I asked this because I seem in the forums where people mentioned that it's good to ask for more than what you really want, when asking for an increase..
But how does the CC sees us in terms of your income, when approving your request?
I made roughly $43,000.
Thank you!
It depends on how you are asking for a CLI.
Are you sending a soft pull request? Most of the times, the bank will have a preset increase (through CLI buttons) for you and you really can't just ask more. You can do that however when you ask for a hard pull CLI. Personally, I don't do HP CLIs most of the time.
My suggestion is to put the real income + any side money sources that you genuinely make.
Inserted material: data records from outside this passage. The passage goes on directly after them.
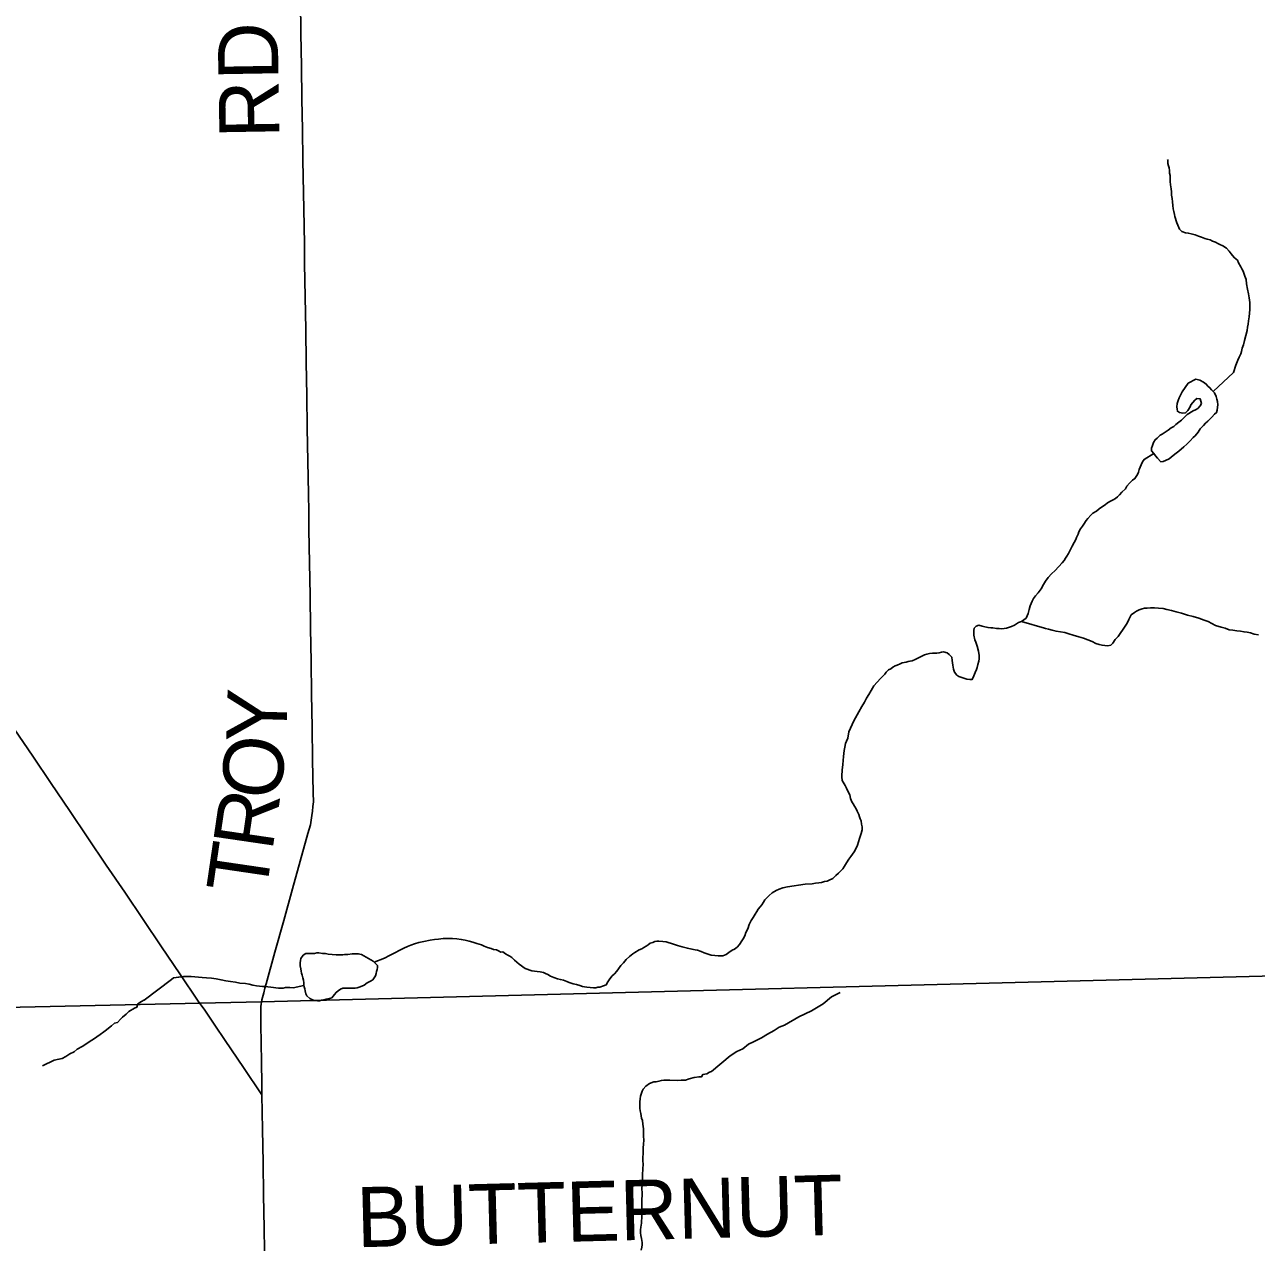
# Model space of a CAD drawing. Extents: x 103424 to 290657, y 38711 to 110967.
# Drawn here: x 160405 to 166595, y 70687 to 76839 of the extents above; entities that cross this region are included whole.
import ezdxf

# ---------------------------------------------------------------- set-up
doc = ezdxf.new("R2010")
doc.units = 0
for name, color, linetype in [('GM_X_Corporation', 7, 'Continuous'), ('GM_X_County_Road', 7, 'Continuous'), ('GM_X_County_Road_Text', 7, 'Continuous'), ('GM_X_Minor_Lake', 7, 'Continuous'), ('GM_X_Minor_River', 7, 'Continuous')]:
    doc.layers.add(name, color=color, linetype=linetype)

msp = doc.modelspace()

# ---------------------------------------------------------------- linework, layer by layer
at = {"layer": 'GM_X_Corporation'}
for points in [[(148594.2, 97294.7), (158050.5, 97608.1), (158064.2, 97608.5), (162306.4, 97749.1), (162479.3, 97753.8), (165116.9, 97825.6), (173478.4, 98058.2), (173550.7, 94746.5), (173649.8, 90059.6), (173693.6, 87690.3), (173775.2, 84514.7), (174054.1, 73155.3), (174066.9, 72315.5), (174070.5, 72208.9), (173777.3, 72202), (169136.7, 72130.4), (166950.9, 72068.3), (161596.3, 71930.5), (161287.7, 71923.7), (157064.3, 71829.7), (151578, 71707.7), (149073.5, 71652)], [(149073.5, 71652), (151578, 71707.7), (157064.3, 71829.7), (161287.7, 71923.7), (161596.3, 71930.5), (166950.9, 72068.3), (169136.7, 72130.4), (173777.3, 72202), (174070.5, 72208.9), (174125.3, 69464.1), (174128.9, 69223), (174137.2, 68978.3), (174140.8, 68790.7), (174153.5, 68330.8), (174162.2, 67903.5), (174163.3, 67850.7), (174375.3, 58453.3)]]:
    msp.add_lwpolyline(points, dxfattribs=at)
at = {"layer": 'GM_X_County_Road'}
for points in [[(161598, 71940.8), (161606.6, 71976.5), (161612.9, 71998.8), (161619, 72020.9), (161663.3, 72180), (161707.6, 72339), (161751.8, 72498), (161790.5, 72636.7), (161829.1, 72775.4), (161835.2, 72797.6), (161841.5, 72819.9), (161844.5, 72842.9), (161848.3, 72865.7), (161851.1, 72888.5), (161853.3, 72911.5), (161856.1, 72934.5), (161855.4, 72980.7), (161852.7, 73145.7), (161850.1, 73310.7), (161847.5, 73475.8), (161844.8, 73640.8), (161842.2, 73805.8), (161839.5, 73970.8), (161836.8, 74135.9), (161834.2, 74300.9), (161832.7, 74391.4), (161831.3, 74481.8), (161828.6, 74646.9), (161825.9, 74811.9), (161823.2, 74976.9), (161820.5, 75142), (161817.8, 75307), (161815.1, 75472), (161812.4, 75637), (161810.9, 75732.9), (161809.3, 75828.8), (161806.7, 75993.8), (161804, 76158.8), (161801.5, 76311.6), (161799.1, 76464.4), (161796.4, 76629.4), (161793.7, 76794.4), (161791, 76959.5)], [(161278.1, 71933.9), (161185.7, 72070.6), (161093.2, 72207.4), (161000.7, 72344.1), (160908.2, 72480.8), (160815.8, 72617.6), (160723.3, 72754.3), (160630.8, 72891.1), (160538.4, 73027.8), (160445.9, 73164.5), (160353.4, 73301.3)], [(161598.1, 71463.9), (161505.5, 71600.5), (161413, 71737.2), (161361.5, 71813.3), (161310.1, 71889.2), (161278.1, 71933.9)], [(161597.2, 71517.1), (161595.4, 71628.9), (161594, 71722.5), (161592.5, 71816.1), (161591.7, 71862.2), (161592.9, 71906.9), (161598, 71940.8)], [(161610.4, 70679.4), (161608.5, 70794.4), (161605.9, 70959.4), (161603.4, 71124.4), (161600.8, 71289.5), (161599.4, 71376.7), (161598.1, 71463.9), (161597.2, 71517.1)]]:
    msp.add_lwpolyline(points, dxfattribs=at)
at = {"layer": 'GM_X_Minor_Lake'}
for points in [[(166071.9, 74725.2), (166068.1, 74711), (166068.3, 74698.8), (166078.7, 74684.9), (166087, 74672.9), (166097.3, 74661), (166113.7, 74643.1), (166125.8, 74645.3), (166137.8, 74649.6), (166155.8, 74658), (166165.8, 74666.2), (166175.7, 74674.5), (166191.6, 74686.9), (166205.6, 74697.2), (166229.4, 74717.9), (166245.3, 74732.3), (166261.2, 74748.7), (166277, 74765.2), (166286.9, 74773.4), (166302.8, 74791.9), (166312.5, 74808.2), (166328.4, 74824.7), (166338.3, 74837), (166350.2, 74847.3), (166360.1, 74857.6), (166370, 74867.9), (166383.9, 74882.3), (166393.8, 74890.5), (166397.6, 74902.7), (166399.4, 74916.9), (166401.2, 74929), (166398.9, 74945.1), (166396.7, 74957.2), (166392.4, 74971.3), (166384, 74989.3), (166369.6, 75005.2), (166361.3, 75015.2), (166351.1, 75023.1), (166342.8, 75033), (166328.5, 75042.9), (166310.2, 75052.6), (166289.9, 75058.3)], [(166289.9, 75058.3), (166310.2, 75052.6), (166328.5, 75042.9), (166342.8, 75033), (166351.1, 75023.1), (166361.3, 75015.2), (166369.6, 75005.2), (166384, 74989.3), (166392.4, 74971.3), (166396.7, 74957.2), (166398.9, 74945.1), (166401.2, 74929), (166399.4, 74916.9), (166397.6, 74902.7), (166393.8, 74890.5), (166383.9, 74882.3), (166370, 74867.9), (166360.1, 74857.6), (166350.2, 74847.3), (166338.3, 74837), (166328.4, 74824.7), (166312.5, 74808.2), (166302.8, 74791.9), (166286.9, 74773.4), (166277, 74765.2), (166261.2, 74748.7), (166245.3, 74732.3), (166229.4, 74717.9), (166205.6, 74697.2), (166191.6, 74686.9), (166175.7, 74674.5), (166165.8, 74666.2), (166155.8, 74658), (166137.8, 74649.6), (166125.8, 74645.3), (166113.7, 74643.1), (166097.3, 74661), (166087, 74672.9), (166078.7, 74684.9), (166068.3, 74698.8), (166068.1, 74711), (166071.9, 74725.2), (166077.7, 74739.4), (166085.5, 74753.7), (166095.5, 74761.9), (166111.3, 74776.4), (166121.3, 74782.6), (166131.3, 74788.8), (166141.3, 74795.1), (166151.2, 74801.3), (166167.2, 74813.7), (166179.2, 74820), (166189.1, 74830.3), (166205, 74842.7), (166218.9, 74853), (166234.8, 74869.5), (166246.7, 74879.8), (166276.6, 74898.5), (166288.6, 74904.8), (166300.6, 74911.1), (166312.5, 74923.4), (166318.4, 74935.6), (166316.1, 74947.7), (166311.9, 74959.8), (166295.7, 74961.5), (166285.7, 74953.2), (166275.9, 74940.9), (166266, 74928.6), (166262.2, 74918.5), (166250.4, 74900.1), (166238.5, 74889.7), (166224.4, 74887.5), (166208.2, 74891.2), (166198, 74897.1), (166195.8, 74907.2), (166195.5, 74919.3), (166197.3, 74935.5), (166201, 74951.7), (166206.9, 74963.9), (166212.7, 74978.2), (166222.5, 74994.5), (166251.9, 75037.5), (166289.9, 75058.3)], [(166289.9, 75058.3), (166251.9, 75037.5), (166222.5, 74994.5), (166212.7, 74978.2), (166206.9, 74963.9), (166201, 74951.7), (166197.3, 74935.5), (166195.5, 74919.3), (166195.8, 74907.2), (166198, 74897.1), (166208.2, 74891.2), (166224.4, 74887.5), (166238.5, 74889.7), (166250.4, 74900.1), (166262.2, 74918.5), (166266, 74928.6), (166275.9, 74940.9), (166285.7, 74953.2), (166295.7, 74961.5), (166311.9, 74959.8), (166316.1, 74947.7), (166318.4, 74935.6), (166312.5, 74923.4), (166300.6, 74911.1), (166288.6, 74904.8), (166276.6, 74898.5), (166246.7, 74879.8), (166234.8, 74869.5), (166218.9, 74853), (166205, 74842.7), (166189.1, 74830.3), (166179.2, 74820), (166167.2, 74813.7), (166151.2, 74801.3), (166141.3, 74795.1), (166131.3, 74788.8), (166121.3, 74782.6), (166111.3, 74776.4), (166095.5, 74761.9), (166085.5, 74753.7), (166077.7, 74739.4), (166071.9, 74725.2)], [(162157.1, 72135.1), (162098.2, 72168.2), (162081.9, 72171.9), (162063.8, 72171.6), (162051.7, 72171.4), (162029.5, 72169), (162013.4, 72168.7), (162003.3, 72166.5), (161991.2, 72166.3), (161971.1, 72165.9), (161950.9, 72167.6), (161930.7, 72169.2), (161916.5, 72173), (161902.3, 72172.8), (161884.1, 72176.5), (161874, 72176.3), (161862, 72174.1), (161845.8, 72173.8), (161831.7, 72173.5), (161817.6, 72173.3), (161805.6, 72165), (161793.8, 72148.6), (161792, 72138.5), (161790.2, 72126.3), (161790.4, 72112.2), (161792.7, 72096.1), (161795, 72084), (161797.2, 72073.9), (161799.4, 72063.9), (161803.6, 72051.8), (161805.9, 72039.7), (161808.1, 72025.6), (161808.3, 72015.5), (161810.5, 72005.5), (161812.7, 71995.4)], [(162157.1, 72135.1), (162098.2, 72168.2), (162081.9, 72171.9), (162063.8, 72171.6), (162051.7, 72171.4), (162029.5, 72169), (162013.4, 72168.7), (162003.3, 72166.5), (161991.2, 72166.3), (161971.1, 72165.9), (161950.9, 72167.6), (161930.7, 72169.2), (161916.5, 72173), (161902.3, 72172.8), (161884.1, 72176.5), (161874, 72176.3), (161862, 72174.1), (161845.8, 72173.8), (161831.7, 72173.5), (161817.6, 72173.3), (161805.6, 72165), (161793.8, 72148.6), (161792, 72138.5), (161790.2, 72126.3), (161790.4, 72112.2), (161792.7, 72096.1), (161795, 72084), (161797.2, 72073.9), (161799.4, 72063.9), (161803.6, 72051.8), (161805.9, 72039.7), (161808.1, 72025.6), (161808.3, 72015.5), (161810.5, 72005.5), (161812.7, 71995.4), (161814.9, 71985.4), (161819.2, 71971.3), (161823.4, 71961.3), (161837.8, 71947.4), (161848, 71941.5), (161860.1, 71937.7), (161876.3, 71935.9), (161886.4, 71936.1), (161896.4, 71938.3), (161908.5, 71940.6), (161920.5, 71944.8), (161936.6, 71947.1), (161948.7, 71951.4), (161962.5, 71967.8), (161970.4, 71978), (161980.3, 71986.3), (161992.3, 71994.6), (162004.3, 71998.8), (162022.5, 71999.2), (162036.6, 71999.4), (162048.7, 71999.6), (162066.9, 72000), (162076.9, 72000.1), (162091, 72006.5), (162111, 72014.9), (162126.9, 72025.3), (162142.9, 72033.7), (162154.9, 72041.9), (162168.7, 72060.4), (162172.5, 72072.6), (162174.3, 72082.7), (162176.2, 72092.8), (162178, 72103), (162177.8, 72113.1), (162157.1, 72135.1)], [(161812.7, 71995.4), (161814.9, 71985.4), (161819.2, 71971.3), (161823.4, 71961.3), (161837.8, 71947.4), (161848, 71941.5), (161860.1, 71937.7), (161876.3, 71935.9), (161886.4, 71936.1), (161896.4, 71938.3), (161908.5, 71940.6), (161920.5, 71944.8), (161936.6, 71947.1), (161948.7, 71951.4), (161962.5, 71967.8), (161970.4, 71978), (161980.3, 71986.3), (161992.3, 71994.6), (162004.3, 71998.8), (162022.5, 71999.2), (162036.6, 71999.4), (162048.7, 71999.6), (162066.9, 72000), (162076.9, 72000.1), (162091, 72006.5), (162111, 72014.9), (162126.9, 72025.3), (162142.9, 72033.7), (162154.9, 72041.9), (162168.7, 72060.4), (162172.5, 72072.6), (162174.3, 72082.7), (162176.2, 72092.8), (162178, 72103), (162177.8, 72113.1), (162157.1, 72135.1)]]:
    msp.add_lwpolyline(points, dxfattribs=at)
at = {"layer": 'GM_X_Minor_River'}
for points in [[(166378.3, 74995.6), (166479.1, 75091), (166490.6, 75127.6), (166502.2, 75154.1), (166508, 75168.3), (166515.8, 75184.6), (166519.6, 75196.8), (166523.3, 75213), (166529.1, 75231.3), (166534.8, 75251.6), (166548, 75302.4), (166549.7, 75318.6), (166553.4, 75334.8), (166555.2, 75351), (166558.8, 75371.3), (166560.5, 75389.5), (166562.2, 75407.7), (166561.9, 75423.8), (166561.6, 75444), (166559.2, 75466.2), (166554.8, 75486.3), (166550.3, 75510.5), (166545.8, 75536.7), (166543.4, 75558.9), (166537, 75574.9), (166528.5, 75601), (166522.2, 75613), (166516, 75623), (166505.6, 75643), (166499.3, 75655), (166482.9, 75668.9), (166468.5, 75686.8), (166458.1, 75700.8), (166443.7, 75716.7), (166425.3, 75728.5), (166411.1, 75734.3), (166400.9, 75740.1), (166388.7, 75746), (166374.5, 75751.8), (166362.3, 75757.6), (166348.1, 75761.4), (166335.9, 75765.2), (166319.6, 75771), (166303.4, 75776.8), (166287.1, 75782.5), (166266.9, 75788.2), (166252.7, 75792), (166238.5, 75793.8), (166220.3, 75799.5), (166207.9, 75811.4), (166199.5, 75831.5), (166195.3, 75843.5), (166184.6, 75875.7), (166182.4, 75885.7), (166180.1, 75899.8), (166175.8, 75913.9), (166175.6, 75930), (166173.2, 75948.2), (166170.9, 75966.3), (166168.6, 75982.4), (166168.3, 75998.6), (166166, 76014.7), (166163.6, 76034.9), (166161.3, 76051), (166161, 76067.1), (166160.7, 76081.3), (166158.5, 76093.4), (166158.3, 76105.5), (166156, 76119.6), (166153.8, 76129.7), (166149.6, 76141.7), (166149.3, 76157.9), (166147.2, 76161.9)], [(165747.6, 74358.8), (165763.4, 74375.2), (165773.4, 74385.5), (165791.3, 74395.9), (165805.3, 74406.3), (165821.2, 74418.7), (165835.2, 74427), (165847.1, 74437.3), (165861.1, 74445.6), (165875.1, 74451.9), (165887.1, 74458.2), (165897, 74466.5), (165906.9, 74476.8), (165918.8, 74491.1), (165936.6, 74507.6), (165944.5, 74519.9), (165956.3, 74536.2), (165972.2, 74550.7), (165984.2, 74559), (165997.9, 74579.4), (166001.7, 74591.6), (166005.6, 74603.8), (166011.4, 74616), (166015.2, 74628.2), (166023, 74642.5), (166030.9, 74654.7), (166079.3, 74684)], [(164746.2, 73597.4), (164758.2, 73603.7), (164768.2, 73611.9), (164780.2, 73618.2), (164790.2, 73622.4), (164804.2, 73628.8), (164814.2, 73633), (164824.3, 73635.2), (164834.3, 73637.4), (164844.4, 73639.6), (164854.4, 73641.8), (164864.5, 73644), (164880.5, 73650.3), (164926.5, 73673.4), (164938.5, 73677.6), (164952.6, 73679.9), (164966.7, 73682.2), (164976.8, 73682.3), (164988.9, 73682.6), (165001, 73682.8), (165013, 73687), (165023.1, 73689.2), (165041.3, 73683.5), (165051.6, 73675.6), (165063.9, 73661.7), (165066.2, 73645.6), (165068.7, 73621.4), (165073.1, 73601.2), (165077.3, 73587.2), (165089.7, 73571.2), (165099.9, 73565.3), (165120.3, 73557.6), (165140.5, 73551.9), (165154.7, 73550.2), (165166.8, 73550.4), (165174.5, 73568.7), (165182.3, 73585), (165188.1, 73599.3), (165192, 73609.4), (165195.7, 73625.7), (165199.5, 73641.9), (165201.3, 73654), (165201, 73670.2), (165198.6, 73692.4), (165192.1, 73716.5), (165185.7, 73736.6), (165179.4, 73748.6), (165174.9, 73772.8), (165174.5, 73795), (165176.3, 73807.1), (165186.2, 73817.4), (165200.3, 73821.7), (165216.5, 73817.9), (165230.7, 73814.2), (165246.9, 73810.4), (165261.1, 73808.6), (165271.1, 73808.8), (165289.4, 73805.1), (165301.5, 73805.3), (165313.6, 73803.5), (165327.7, 73805.8), (165339.8, 73808), (165349.8, 73810.2), (165363.8, 73816.5), (165379.8, 73822.9), (165389.8, 73829.1), (165399.8, 73835.4), (165413.8, 73841.7), (165425.8, 73850), (165437.7, 73858.3), (165447.4, 73880.7), (165453.1, 73901), (165458.8, 73919.3), (165462.7, 73931.4), (165468.5, 73943.7), (165474.3, 73955.9), (165484.2, 73970.2), (165498, 73984.6), (165513.8, 74005.1), (165525.5, 74027.5), (165535.3, 74043.9), (165549.1, 74062.3), (165564.9, 74080.7), (165582.8, 74097.2), (165618.4, 74136.2), (165628.3, 74146.5), (165636.2, 74158.8), (165642, 74169), (165649.9, 74183.3), (165659.7, 74199.6), (165669.4, 74220), (165679.1, 74238.4), (165686.9, 74252.6), (165690.8, 74262.8), (165698.6, 74279.1), (165702.4, 74291.3), (165710.2, 74305.6), (165720.1, 74319.9), (165727.9, 74330.1), (165739.7, 74348.5), (165747.6, 74358.8)], [(165413.8, 73841.7), (165529.4, 73807.4), (165535.5, 73805.5), (165549.7, 73801.7), (165567.9, 73798), (165588.2, 73792.3), (165610.5, 73788.6), (165632.8, 73785), (165653, 73779.3), (165673.4, 73771.6), (165701.7, 73764), (165726.1, 73756.4), (165748.4, 73748.7), (165768.7, 73741), (165787.1, 73731.2), (165805.3, 73725.5), (165819.5, 73721.7), (165833.7, 73719.9), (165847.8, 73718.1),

Credit Unions are a bit stingy in this respect and can make noise about pyramiding / escalating debt and what not; big banks on the other hand are mostly bothered about their own exposure. Anecdotally, Chase / AMEX are known to keep their total exposure across all of their cards to approx 40% of your income.
That said, they do not care a lot with your total credit limits; as long as they're not huge in absolute terms (AMEX asks for income verification docs, tax returns etc on their own cards when the limits come close to $25-30k, no hard line) or as long as they're not many multiples of your income. My total CLs are approaching 2.5X my indiv income and I'm still getting some CLIs here and there.
TLDR: A bank won't care much if your income is $40k, total credit lines equal $70k, and their share in that is say $8k. But if those figures become $90k, $300k, and $40k, respectively, they might start digging
@Anonymous wrote:
But how does the CC sees us in terms of your income, when approving your request?
The CC itself doesn't see anything. The creditor determines how your income affects your limit/CLI. Creditors are not all identical. As pointed in this thread, different creditors can and do have differening limits on what they're willing to extend versus income. Also, as stated above, income is just one factor and it's not just income alone that determines limit/CLI. One with good credit and lower income could potentially receive a higher limit/CLI than one with poor credit and higher income.
@Anonymous wrote:
yeah according to a lot i have seen AMEX will go up to 30% of your annual income.
That's often quoted, and at least in my case - completely wrong. I'm at 20k on 2 revolvers, have a PRG, and a reported income of 30k to AMEX.